Locale and Character Encoding Issues

# Use C locale for consistent sorting
LC_ALL=C sort file.txt

# Ignore locale for faster numeric sorting
LC_ALL=C sort -n numbers.txt

# Handle UTF-8 properly
LANG=en_US.UTF-8 sort unicode_file.txt

# Force specific collation order
LANG=C sort -f mixed_case.txt

Field Separation Problems

# Tab-separated data
sort -t$'\t' -k2n tab_data.txt

# Multiple spaces as delimiter
tr -s ' ' ' ' < file.txt | sort -k2n

# Complex delimiter handling
awk -F'[:[:space:]]+' '{print $2, $0}' file.txt | sort -k1n | cut -d' ' -f2-

# CSV with quoted fields
csvtool -t input.csv | sort -k2n | csvtool -u > sorted.csv

Performance Optimization Issues

# Slow sorting on large files
# Use parallel processing
sort --parallel=4 large_file.txt

# Optimize memory usage
sort -S 50% file.txt

# Use stable sorting when needed
sort -s file.txt

# Test different buffer sizes
time sort -S 100M file.txt
time sort -S 500M file.txt
time sort -S 1G file.txt
  • uniq - Remove duplicate lines from sorted files
  • cut - Remove sections from each line of files
  • awk - Pattern scanning and processing language
  • sed - Stream editor for filtering and transforming text
  • join - Join lines of two files on a common field
  • paste - Merge lines of files
  • wc - Count lines, words, and characters in files
  • grep - Search text patterns in files
  • head - Output the first part of files
  • tail - Output the last part of files

Best Practices

  1. Choose appropriate sorting type - Use -n for integers, -g for floating-point numbers, -h for human-readable sizes
  2. Specify field separators explicitly - Use -t for non-tab delimited data to avoid ambiguity
  3. Use -u for unique output instead of piping to uniq when possible for better performance
  4. Consider -S for large files to manage memory usage and avoid swapping
  5. Use -c first to check if files are already sorted before processing
  6. Leverage parallel processing with --parallel on multi-core systems
  7. Use stable sorting (-s) when maintaining original order for equal keys is important
  8. Specify temporary directory with -T when dealing with large datasets
  9. Combine with other tools for powerful data processing pipelines
  10. Test with small samples before processing very large files

Performance Tips

  1. Numeric sorting (-n, -g) is faster than alphabetic sorting for numeric data
  2. Human-readable sorting (-h) is slower than numeric sorting but more user-friendly
  3. Parallel sorting significantly improves performance on multi-core systems
  4. Larger buffer sizes improve performance but use more memory
  5. Version sorting (-V) is more computationally intensive than standard sorting
  6. Stable sorting (-s) has minimal performance overhead
  7. Locale-independent sorting (LC_ALL=C) is faster than locale-aware sorting
  8. Field-based sorting is more efficient than using external tools like awk or cut
  9. Merge sorting (-m) is much faster than re-sorting already sorted files
  10. Temporary directory selection on faster storage improves performance for large files

The sort command is a fundamental and powerful tool for text processing and data manipulation.

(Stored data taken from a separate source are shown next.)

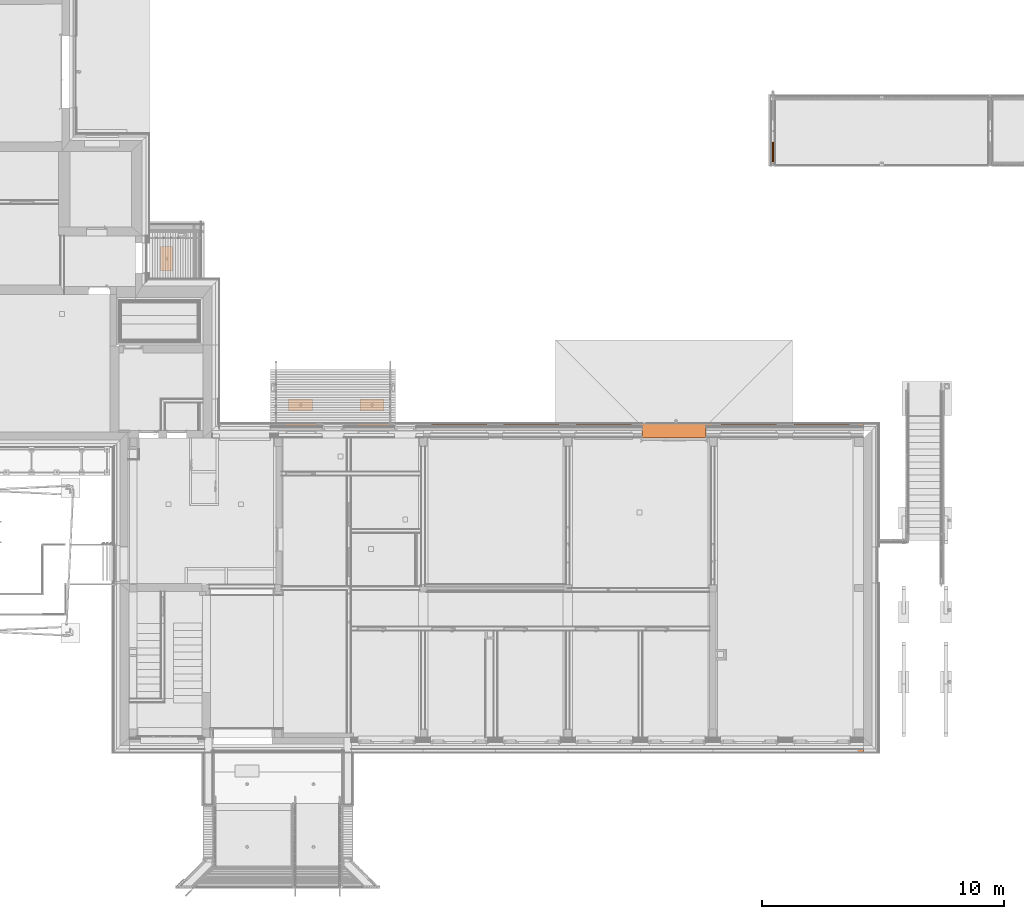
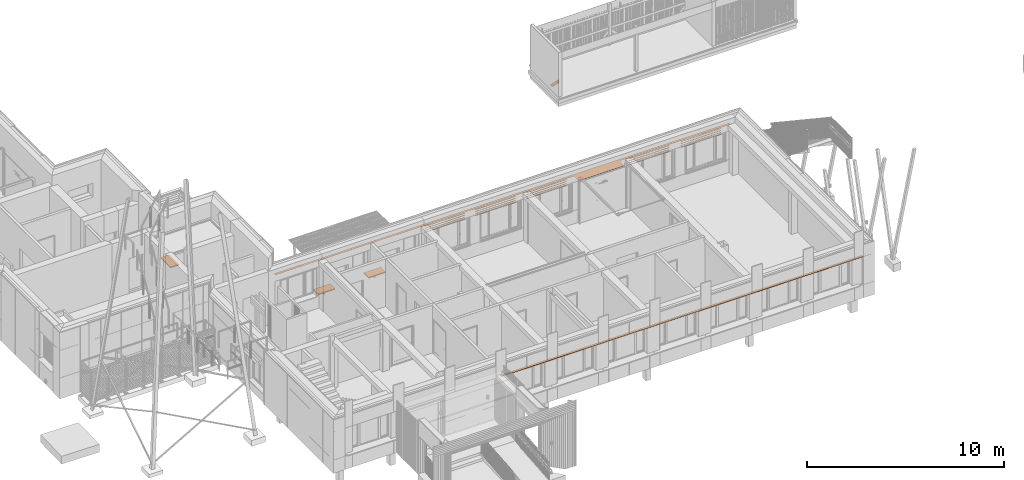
# One storey, part 351 of 418: 11 proxies.
"""IFC2X3 building model written with IfcOpenShell, lengths in millimetres."""

from ifc_helpers import new_model, entity, si_unit, converted_unit, derived_unit, money_unit, direction, frame, frame_2d, origin_with_axes, place, context, subcontext, project, spatial, polyline, rectangle, outline, extrude, clip, halfspace, faceted_brep, source, transform, mapped, material, type_object, element, save


model = new_model("IFC2X3")

# Units and contexts
model_context = context("Model", 3, precision=0.01, world=origin_with_axes(), true_north=direction((0.0, 1.0)))
body_context = subcontext(model_context, "Body", "Model", "MODEL_VIEW")
ifc_project = project(units=[si_unit("LENGTHUNIT", "METRE", prefix="MILLI"), si_unit("AREAUNIT", "SQUARE_METRE"), si_unit("VOLUMEUNIT", "CUBIC_METRE"), converted_unit("PLANEANGLEUNIT", "DEGREE", entity("IfcPlaneAngleMeasure", 0.0174532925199), si_unit("PLANEANGLEUNIT", "RADIAN"), dimensions=[0, 0, 0, 0, 0, 0, 0]), si_unit("SOLIDANGLEUNIT", "STERADIAN"), money_unit("EUR"), converted_unit("TIMEUNIT", "Year", entity("IfcTimeMeasure", 31556926.0), si_unit("TIMEUNIT", "SECOND"), dimensions=[0, 0, 1, 0, 0, 0, 0]), si_unit("MASSUNIT", "GRAM", prefix="KILO"), si_unit("THERMODYNAMICTEMPERATUREUNIT", "DEGREE_CELSIUS"), si_unit("LUMINOUSINTENSITYUNIT", "LUMEN"), si_unit("ENERGYUNIT", "JOULE", prefix="MEGA"), derived_unit("THERMALCONDUCTANCEUNIT", [(si_unit("POWERUNIT", "WATT"), 1), (si_unit("LENGTHUNIT", "METRE"), -1), (si_unit("THERMODYNAMICTEMPERATUREUNIT", "KELVIN"), -1)]), derived_unit("SPECIFICHEATCAPACITYUNIT", [(si_unit("ENERGYUNIT", "JOULE"), 1), (si_unit("MASSUNIT", "GRAM", prefix="KILO"), -1), (si_unit("THERMODYNAMICTEMPERATUREUNIT", "KELVIN"), -1)]), derived_unit("MASSDENSITYUNIT", [(si_unit("MASSUNIT", "GRAM", prefix="KILO"), 1), (si_unit("VOLUMEUNIT", "CUBIC_METRE"), -1)])], contexts=[model_context])

# Site, building, storey
site_placement = place(None, origin_with_axes())
site = spatial("IfcSite", under=ifc_project, at=site_placement, Name="Paldiski mnt 245/1, Tallinn, Harjumaa", CompositionType="COMPLEX")
building_placement = place(site_placement, origin_with_axes())
building = spatial("IfcBuilding", under=site, at=building_placement, Name="RKAS Hoone üldnimetus (kasutust iseloomustav) -> IFC Project Manager -> SOLIBRI", CompositionType="ELEMENT")
storey_placement = place(building_placement, origin_with_axes())
storey = spatial("IfcBuildingStorey", under=building, at=storey_placement, Name="Esimene korrus", CompositionType="ELEMENT", Elevation=0.0)

# Proxies
building_element_proxy_type_1 = type_object("IfcBuildingElementProxyType", Name="Solar Shade Straight 17", PredefinedType="NOTDEFINED")
shared_shape_1 = source(origin_with_axes(), body_context, "Body", "Brep", [
    faceted_brep([(-50.0, -24.0727513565, 78.7867965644), (-2350.0, -24.0727513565, 78.7867965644), (-2350.0, -34.6793530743, 91.7504208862), (-50.0, -34.6793530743, 91.7504208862), (-50.0, -14.6446609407, 64.6446609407), (-2350.0, -14.6446609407, 64.6446609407), (-2350.0, -28.7867965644, 74.0727513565), (-2350.0, -41.7504208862, 84.6793530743), (-2350.0, -65.3206469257, 108.249579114), (-2350.0, -75.9272486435, 121.213203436), (-2350.0, -85.3553390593, 135.355339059), (-2350.0, -71.2132034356, 125.927248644), (-2350.0, -58.2495791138, 115.320646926), (-50.0, -58.2495791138, 115.320646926), (-50.0, -71.2132034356, 125.927248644), (-50.0, -85.3553390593, 135.355339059), (-50.0, -75.9272486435, 121.213203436), (-50.0, -65.3206469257, 108.249579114), (-50.0, -41.7504208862, 84.6793530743), (-50.0, -28.7867965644, 74.0727513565)], [[[0, 1, 2, 3]], [[4, 5, 1, 0]], [[1, 5, 6, 7, 8, 9, 10, 11, 12, 2]], [[3, 2, 12, 13]], [[0, 3, 13, 14, 15, 16, 17, 18, 19, 4]], [[19, 6, 5, 4]], [[18, 7, 6, 19]], [[17, 8, 7, 18]], [[16, 9, 8, 17]], [[15, 10, 9, 16]], [[14, 11, 10, 15]], [[13, 12, 11, 14]]]),
    faceted_brep([(-50.0, -24.0727513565, 203.786796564), (-2350.0, -24.0727513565, 203.786796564), (-2350.0, -34.6793530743, 216.750420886), (-50.0, -34.6793530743, 216.750420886), (-50.0, -14.6446609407, 189.644660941), (-2350.0, -14.6446609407, 189.644660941), (-2350.0, -28.7867965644, 199.072751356), (-2350.0, -41.7504208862, 209.679353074), (-2350.0, -65.3206469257, 233.249579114), (-2350.0, -75.9272486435, 246.213203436), (-2350.0, -85.3553390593, 260.355339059), (-2350.0, -71.2132034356, 250.927248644), (-2350.0, -58.2495791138, 240.320646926), (-50.0, -58.2495791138, 240.320646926), (-50.0, -71.2132034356, 250.927248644), (-50.0, -85.3553390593, 260.355339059), (-50.0, -75.9272486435, 246.213203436), (-50.0, -65.3206469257, 233.249579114), (-50.0, -41.7504208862, 209.679353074), (-50.0, -28.7867965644, 199.072751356)], [[[0, 1, 2, 3]], [[4, 5, 1, 0]], [[1, 5, 6, 7, 8, 9, 10, 11, 12, 2]], [[3, 2, 12, 13]], [[0, 3, 13, 14, 15, 16, 17, 18, 19, 4]], [[19, 6, 5, 4]], [[18, 7, 6, 19]], [[17, 8, 7, 18]], [[16, 9, 8, 17]], [[15, 10, 9, 16]], [[14, 11, 10, 15]], [[13, 12, 11, 14]]]),
    faceted_brep([(-50.0, -24.0727513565, 328.786796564), (-2350.0, -24.0727513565, 328.786796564), (-2350.0, -34.6793530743, 341.750420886), (-50.0, -34.6793530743, 341.750420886), (-50.0, -14.6446609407, 314.644660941), (-2350.0, -14.6446609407, 314.644660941), (-2350.0, -28.7867965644, 324.072751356), (-2350.0, -41.7504208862, 334.679353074), (-2350.0, -65.3206469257, 358.249579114), (-2350.0, -75.9272486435, 371.213203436), (-2350.0, -85.3553390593, 385.355339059), (-2350.0, -71.2132034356, 375.927248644), (-2350.0, -58.2495791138, 365.320646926), (-50.0, -58.2495791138, 365.320646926), (-50.0, -71.2132034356, 375.927248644), (-50.0, -85.3553390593, 385.355339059), (-50.0, -75.9272486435, 371.213203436), (-50.0, -65.3206469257, 358.249579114), (-50.0, -41.7504208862, 334.679353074), (-50.0, -28.7867965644, 324.072751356)], [[[0, 1, 2, 3]], [[4, 5, 1, 0]], [[1, 5, 6, 7, 8, 9, 10, 11, 12, 2]], [[3, 2, 12, 13]], [[0, 3, 13, 14, 15, 16, 17, 18, 19, 4]], [[19, 6, 5, 4]], [[18, 7, 6, 19]], [[17, 8, 7, 18]], [[16, 9, 8, 17]], [[15, 10, 9, 16]], [[14, 11, 10, 15]], [[13, 12, 11, 14]]]),
    faceted_brep([(-50.0, -24.0727513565, 453.786796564), (-2350.0, -24.0727513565, 453.786796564), (-2350.0, -34.6793530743, 466.750420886), (-50.0, -34.6793530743, 466.750420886), (-50.0, -14.6446609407, 439.644660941), (-2350.0, -14.6446609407, 439.644660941), (-2350.0, -28.7867965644, 449.072751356), (-2350.0, -41.7504208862, 459.679353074), (-2350.0, -65.3206469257, 483.249579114), (-2350.0, -75.9272486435, 496.213203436), (-2350.0, -85.3553390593, 510.355339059), (-2350.0, -71.2132034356, 500.927248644), (-2350.0, -58.2495791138, 490.320646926), (-50.0, -58.2495791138, 490.320646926), (-50.0, -71.2132034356, 500.927248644), (-50.0, -85.3553390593, 510.355339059), (-50.0, -75.9272486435, 496.213203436), (-50.0, -65.3206469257, 483.249579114), (-50.0, -41.7504208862, 459.679353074), (-50.0, -28.7867965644, 449.072751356)], [[[0, 1, 2, 3]], [[4, 5, 1, 0]], [[1, 5, 6, 7, 8, 9, 10, 11, 12, 2]], [[3, 2, 12, 13]], [[0, 3, 13, 14, 15, 16, 17, 18, 19, 4]], [[19, 6, 5, 4]], [[18, 7, 6, 19]], [[17, 8, 7, 18]], [[16, 9, 8, 17]], [[15, 10, 9, 16]], [[14, 11, 10, 15]], [[13, 12, 11, 14]]]),
])
for number, where, z_axis, x_axis in (
    (1, (-29770.0, 456.966991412, 1999.54563517), (0.0, 0.0, 1.0), (1.0, 0.0, 0.0)),
    (2, (-26780.0, 456.966991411, 1999.54563517), (0.0, 0.0, 1.0), (1.0, 0.0, 0.0)),
    (3, (-32750.0, 456.966991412, 1999.64466094), (0.0, 0.0, 1.0), (1.0, 0.0, 0.0)),
    (4, (-20770.0, 456.966991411, 1999.54563517), (0.0, 0.0, 1.0), (1.0, 0.0, 0.0)),
    (5, (-17750.0, 456.966991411, 1999.54563517), (0.0, 0.0, 1.0), (1.0, 0.0, 0.0)),
):
    element("IfcBuildingElementProxy", number, at=place(storey_placement, frame(where, z_axis=z_axis, x_axis=x_axis)), inside=storey, type_object=building_element_proxy_type_1, Name="Päikesezalusii", context=body_context, shape_type="MappedRepresentation", body=[
        mapped(shared_shape_1, transform((0.0, 0.0, 0.0))),
    ])
ifc_material_1 = material(Name="Raud")
building_element_proxy_type_2 = type_object("IfcBuildingElementProxyType", Name="Jalatsipuhastusrest", PredefinedType="NOTDEFINED")
shared_shape_2 = source(origin_with_axes(), body_context, "Body", "Brep", [
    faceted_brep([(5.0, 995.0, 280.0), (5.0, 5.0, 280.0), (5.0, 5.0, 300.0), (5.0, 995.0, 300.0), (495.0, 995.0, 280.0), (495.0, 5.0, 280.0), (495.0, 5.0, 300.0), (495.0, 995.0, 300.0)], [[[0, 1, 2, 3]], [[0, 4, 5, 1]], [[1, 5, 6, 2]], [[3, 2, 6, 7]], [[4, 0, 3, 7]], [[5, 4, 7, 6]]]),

Its extensive options for field-based sorting, multiple numeric formats, and performance optimization make it indispensable for system administration, log analysis, data processing, and text manipulation tasks. Mastering the sort command enables efficient handling of large datasets and creation of sophisticated data processing pipelines.